▶ Dataset items
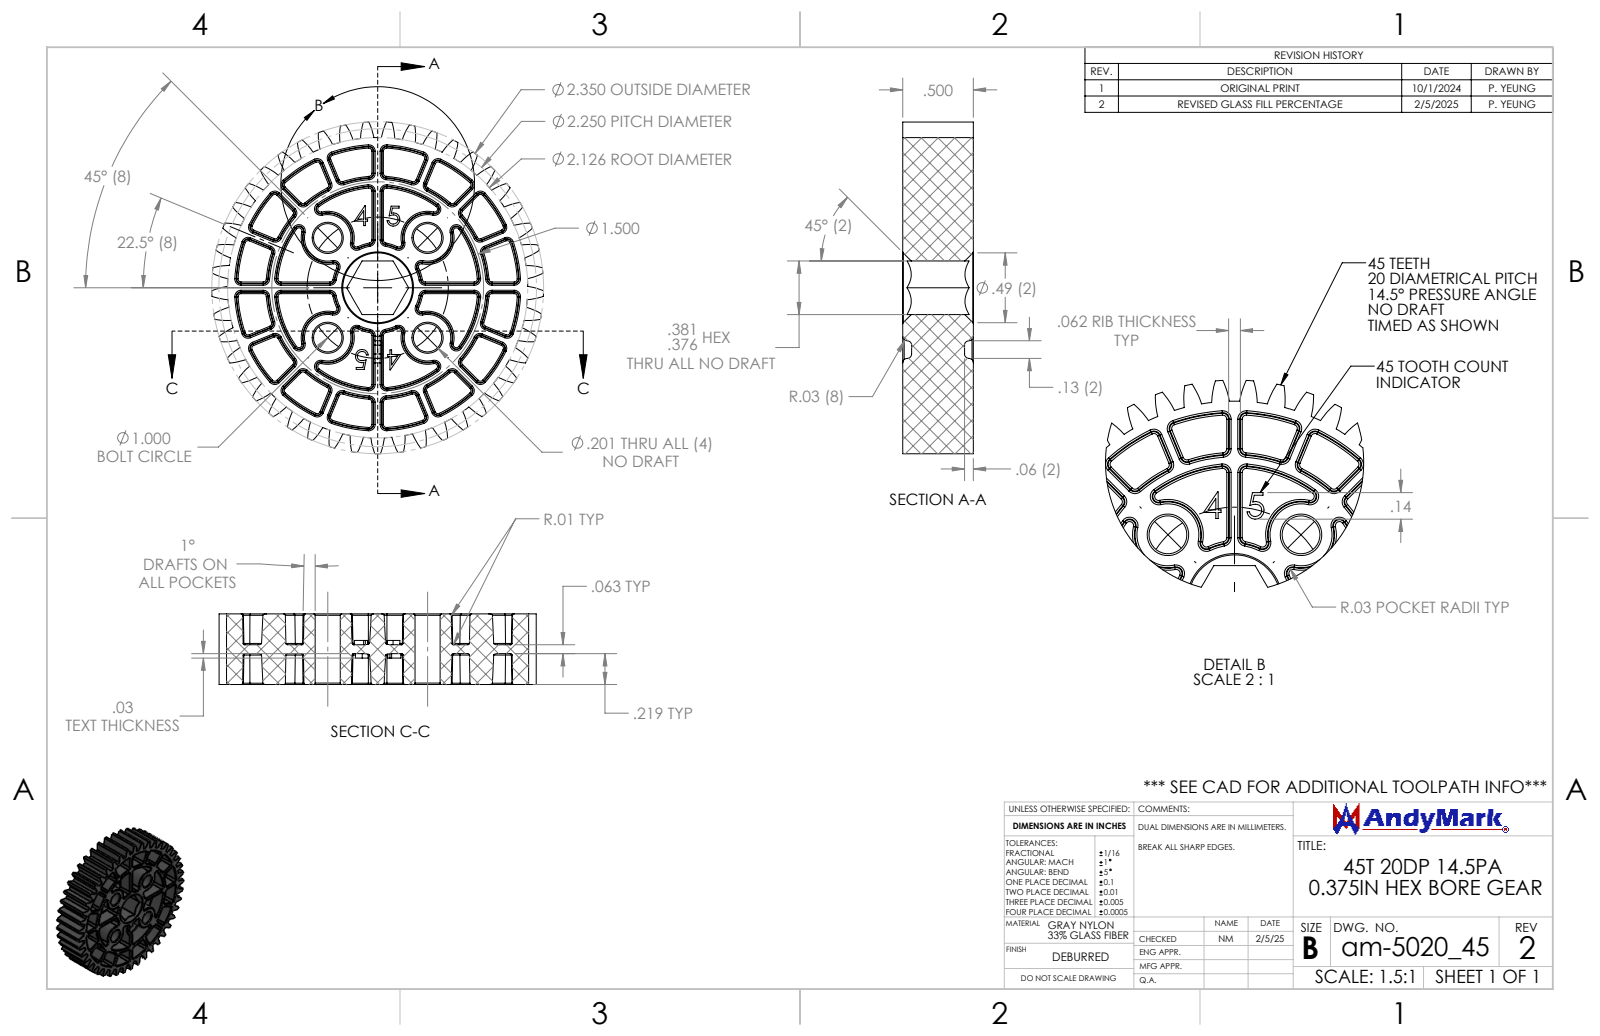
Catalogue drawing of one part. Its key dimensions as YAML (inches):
part_name: "am-5020_45 45T 20DP 14.5PA 0.50 IN FW 0.375 Hex Gear"
step_written_by: "SolidWorks 2024 (AUTOMOTIVE_DESIGN)"
units: inches
bodies: {solids: 1, faces: 1739, planar: 226, cylindrical: 368, other: 1145}
overall_size: [2.35, 2.348, 0.5]
volume: 1.034
surface_area: 27.81
round_holes:
  - {diameter: 0.201, count: 4}
partial_cylinders:
  - {radius: 0.45, count: 90}
  - {radius: 0.01, count: 75}
  - {radius: 0.031, count: 8}
  - {radius: 1.063, count: 1}
  - {radius: 1.175, count: 1}
face_to_face_distances: [0.219, 0.281, 0.064, 0.062, 0.5, 0.38, 0.031, 0.187, 0.313, 0.094]
hole_center_spacings: [0.707, 1]
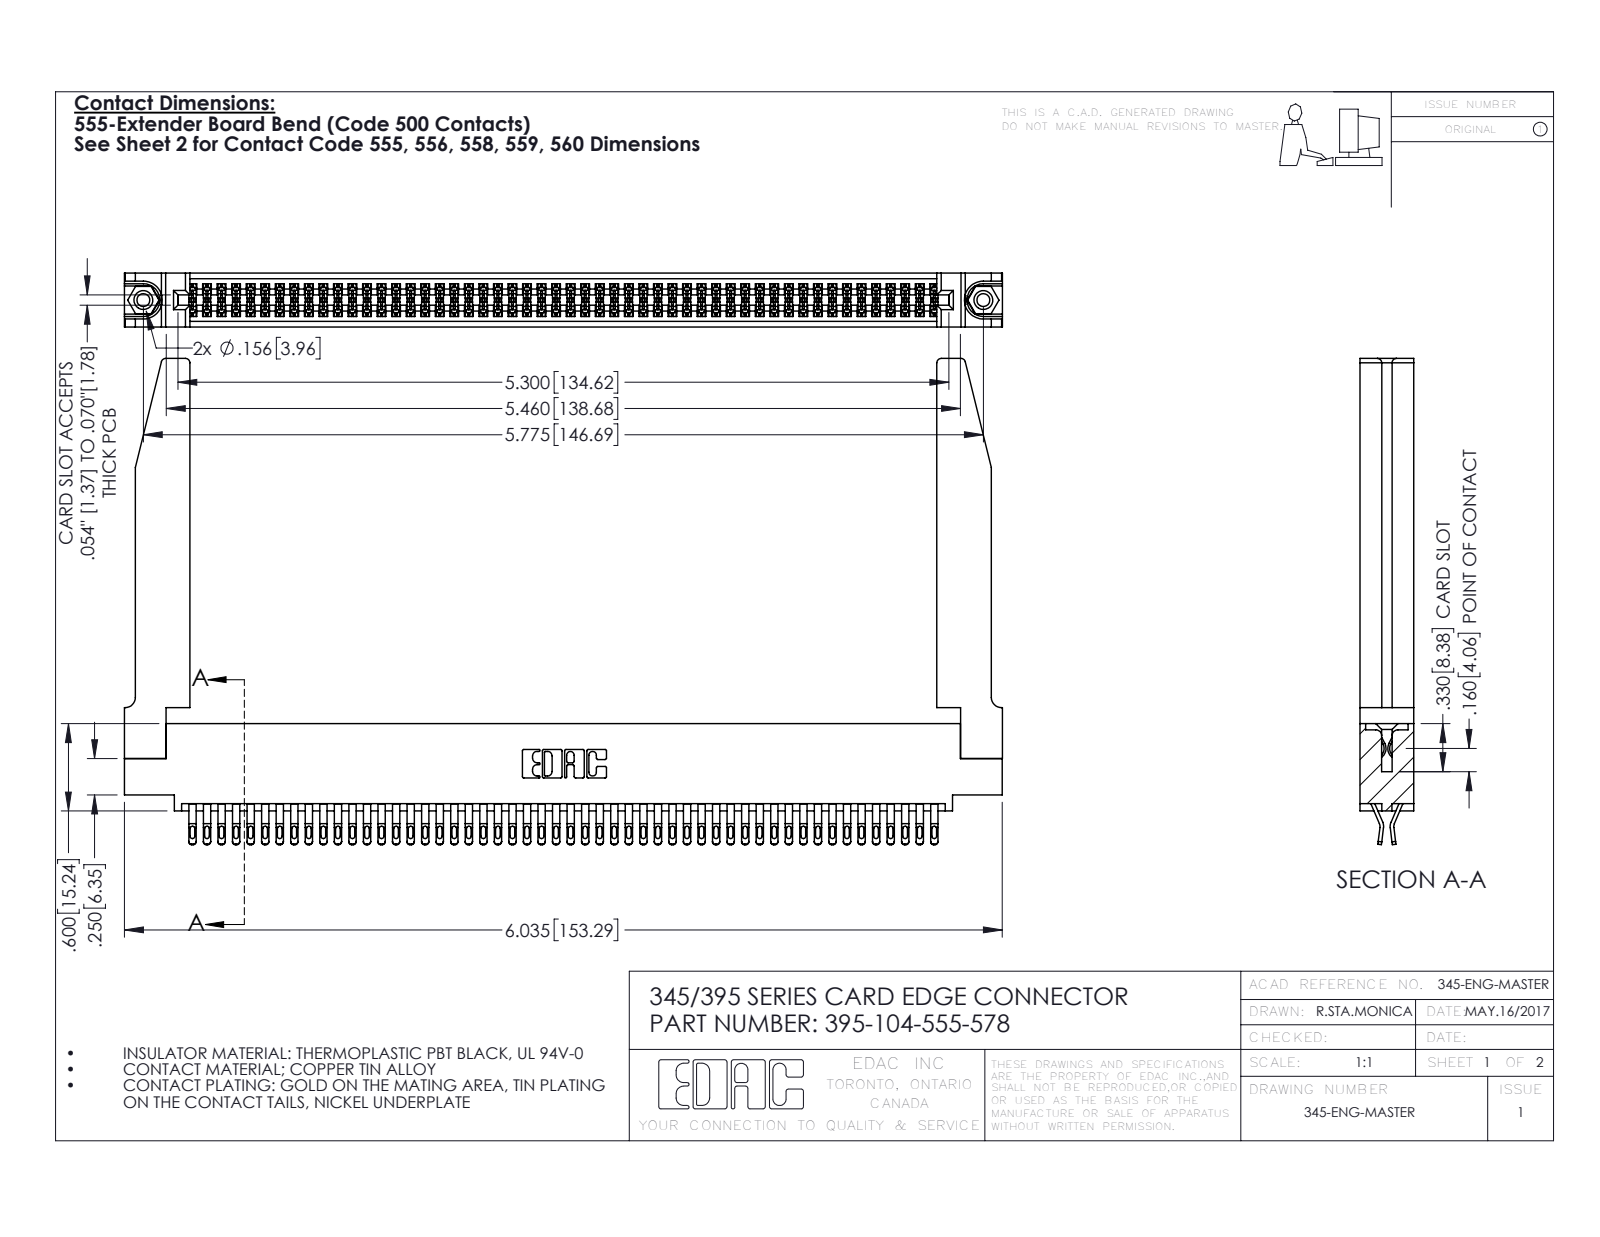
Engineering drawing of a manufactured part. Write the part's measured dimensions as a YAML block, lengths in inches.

▶ EXERCISE DIRECTIONS
In your copy, restate the data above word for word but leave out any picture.

▶ RESPONSE TO THIS EXERCISE
Catalogue drawing of one part. Its key dimensions as YAML (inches):
part_name: "am-5020_45 45T 20DP 14.5PA 0.50 IN FW 0.375 Hex Gear"
step_written_by: "SolidWorks 2024 (AUTOMOTIVE_DESIGN)"
units: inches
bodies: {solids: 1, faces: 1739, planar: 226, cylindrical: 368, other: 1145}
overall_size: [2.35, 2.348, 0.5]
volume: 1.034
surface_area: 27.81
round_holes:
  - {diameter: 0.201, count: 4}
partial_cylinders:
  - {radius: 0.45, count: 90}
  - {radius: 0.01, count: 75}
  - {radius: 0.031, count: 8}
  - {radius: 1.063, count: 1}
  - {radius: 1.175, count: 1}
face_to_face_distances: [0.219, 0.281, 0.064, 0.062, 0.5, 0.38, 0.031, 0.187, 0.313, 0.094]
hole_center_spacings: [0.707, 1]
Engineering drawing of a manufactured part. Write the part's measured dimensions as a YAML block, lengths in inches.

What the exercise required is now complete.